Ikhlas itu...

... susah!

I live in a world where a woman can be everything.
Yet I don't have to be everything.

sepuluh bulan sudah jadi full time mom di rumah. yeah, ibu rumah tangga lah judulnya. rasanya cepat sekali, engga terasa. melewati masa menyusui eksklusif, weaning, baby led weaning, graduation TK, orientasi SD, menyaksikan langkah pertama anak, menyaksikan cinta pertama anak, antar-jemput, gubrak-gabruk saat mom capek dan berubah jadi momster, melalui dua tifus, ... and keep rocking to this very moment.

sepuluh bulan, dan masih mencoba untuk ikhlas.

mencoba ikhlas bahwa yang dilakukan sekarang ini jauh dari penghargaan yang terukur. jauh dari takaran piala emas, perak atau perunggu di panggung perhelatan dunia periklanan. misalnya, rumah sudah capek-capek dibersihin ya pasti acak-acakan lagi dan harus dibersihkan lagi. atau saat sudah capek-capek masak, toh titan minta menu lain yang super simpel: nasi goreng ceplok telor. apa yang mau dihargai kalau bentuk karya ibu rumah tangga aja susah terlihat : )))

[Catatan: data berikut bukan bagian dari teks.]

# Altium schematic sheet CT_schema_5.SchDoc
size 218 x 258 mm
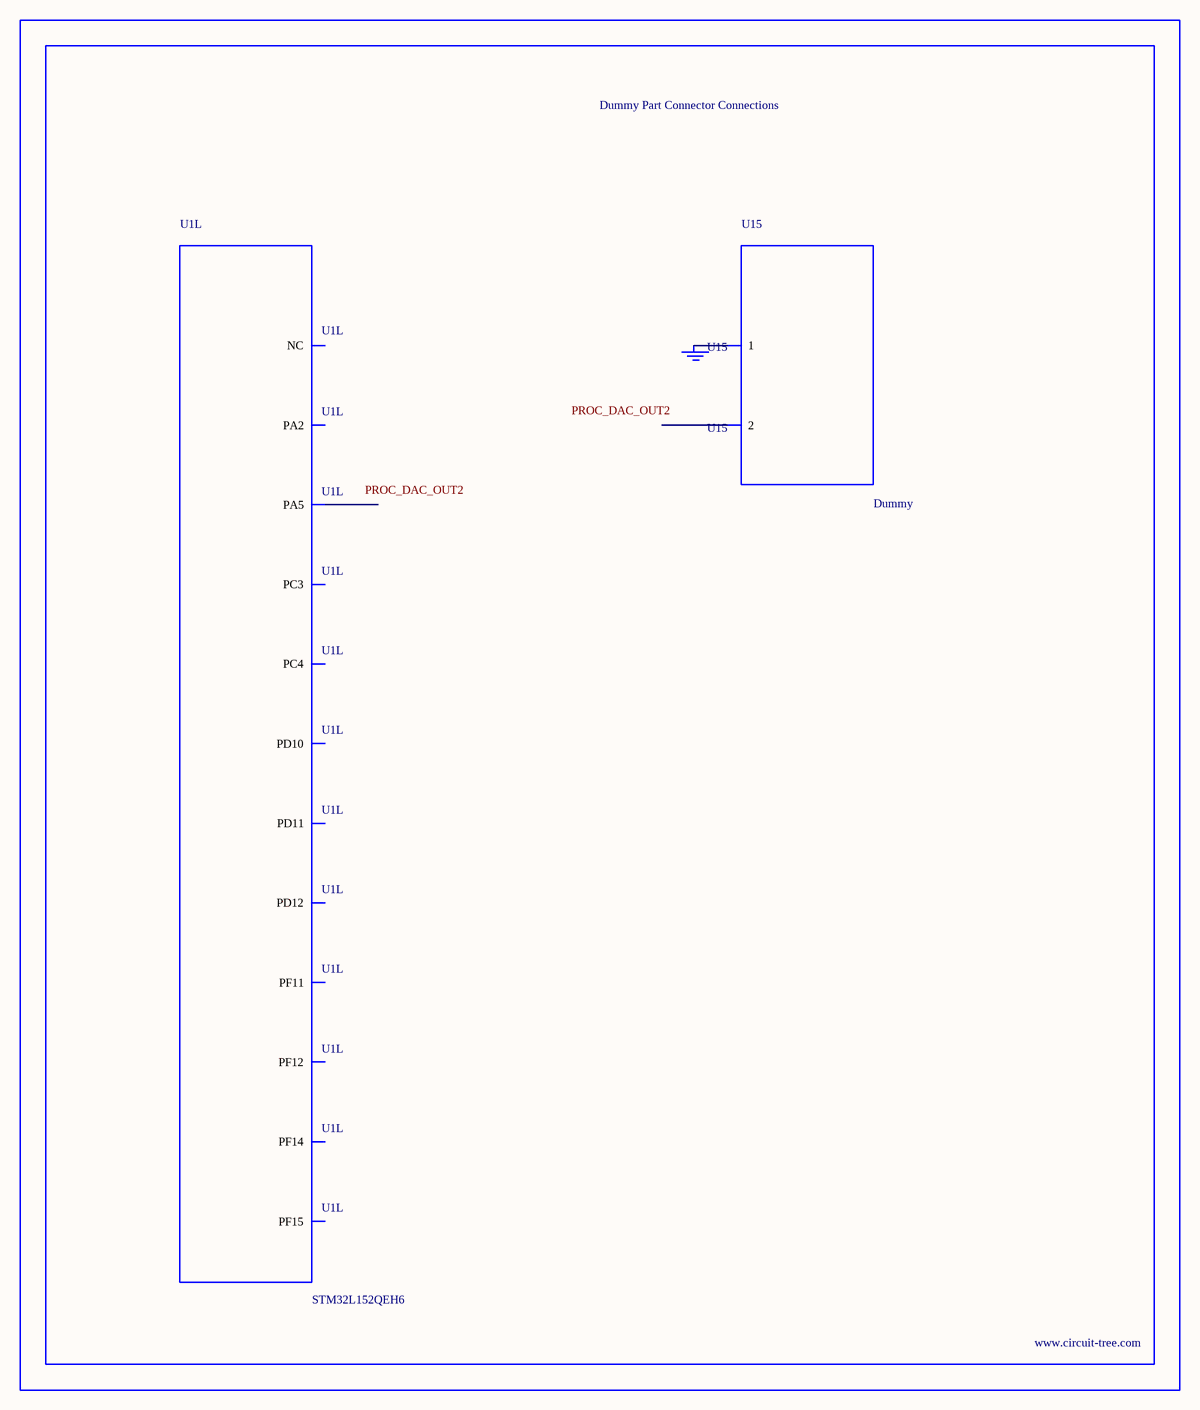
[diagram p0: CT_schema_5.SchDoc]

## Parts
BORDER4  (no value)
GND_INSTANCE_4_0  (no value)
U1  STM32L152QEH6  [UFBGA132]  (part L of 12)
U15  Dummy  [DUMMY_PACKAGE_139]

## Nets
NetGND_INSTANCE_4_0_0: GND_INSTANCE_4_0.0(GND) U15.1

Not connected (* = marked no-connect by the designer): U1 J7(PF12) J8(PF14) J9(PF15) J10(PD12) J11(PD11) J12(PD10) K1(NC) K2(PC3) K3(PA2) K4(PA5) K5(PC4) K6(PF11); U15 2

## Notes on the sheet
- Labels drawn without touching a wire or pin: PROC_DAC_OUT2

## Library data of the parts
BORDER4 = BORDER_PAGE4
GND_INSTANCE_4_0 = GND

mencoba ikhlas sulit untuk memiliki me time, walau kadang separuh hati berkata bahwa saya sudah cukup punya me time selama 28 tahun dan saat anak-anak besar nanti pun saya akan memiliki me time itu lagi.

mencoba ikhlas bahwa dulu pernah punya pendapatan dan bebas mau ngapain aja, sekarang jadi salary-less dan punya rasa enggak enak saat harus mengandalkan suami saja.

merasa rendah diri, karena merasa yang dihasilkan biasa-biasa saja (ya karena itu tadi, hasil kerja ibu rumah tanggak itu enggak terlihat) dan juga merasa bodoh karena rasanya otak enggak dipakai untuk sesuatu yang terukur. kalau ngantor kan jelas: kerjaan selesai tepat waktu, klien happy, menang award. itu semua kan ukuran kesuksesan. lah kalau di rumah? kwang kwang kwang kwang ...
terukurnya nanti, kalau anak-anak sudah jadi 'orang' atau rumah tetap kinclong saat keluarga bertandang : )))

kalau ditanya apa saya sudah ikhlas dengan semua itu? jawabannya, saya masih terus belajar. masih mencoba mengesampingkan ego saya sebagai mantan pekerja kreatif yang ternyata tidak bisa selalu kreatif dalam urusan nyiapin masakan sehari-hari. masih mencoba untuk mengesampingkan keinginan untuk me time dengan menyingkirkan ponsel kalau bersama anak-anak. masih belajar untuk menjadi tetap cerdas dengan ikutan online course gratisan walau tutorialnya ditonton sambil terkantuk-kantuk plus sambil nyusuin. masih berusaha untuk ikhlas tidak berpenghasilan saat usaha wiraswasta lagi blooming-bloomingnya, dikalahkan dengan harus membagi waktu mempelajari kembali pelajaran SD karena pelajaran si kakak mulai serius.

di saat semua ini berkecamuk di kepala saya, sementara suami pun sibuk bekerja dan rasanya enggak enak kalau harus mendengar curhatan-curhatan kecil ini, saya sangat merindukan pembicaraan-pembicaraan ngalor ngidul (yang tentunya hanya sebatas wacana dan tidak dilakukan) dengan teman-teman. saya sangat merindukan perasaan santai dan legowo, yang tidak ingin menjadi ibu sempurna tapi cukup menjadi ibu yang dapat diandalkan saja. saya ingin menaruh rasa percaya yang lebih besar kepada anak-anak dan memberi hukuman yang jelas-jelas bisa saya lakukan, bukan sekedar ancaman. saya ingin menjalani hari-hari yang jauh dari rasa takut: takut telat ke sekolah, takut anak-anak enggak mau makan, takut anak-anak sakit, takut anak-anak gagal. saya ingin lebih ikhlas, menanggalkan ke'aku'an saya dan bersedia untuk berdiri di belakang. di belakang anak-anak dan suami.

saya dan titan di suatu pagi:

"Titan! Ayo cepat makannya, hap hap hap jangan sambil ngelamun. Nanti kita telat nih, sudah jam berapa. Belum lagi nanti macet. Atau kamu berangkat naik ojek aja ya, sendiri!"

"Ah bunda, bunda nih banyak takutnya. takut kecoak, takut telat, takut gemuk, takut takut takut apaaa lagi, masih banyak. titan aja cuma dua takutnya. takut laba-laba sama takut kalau bunda marah."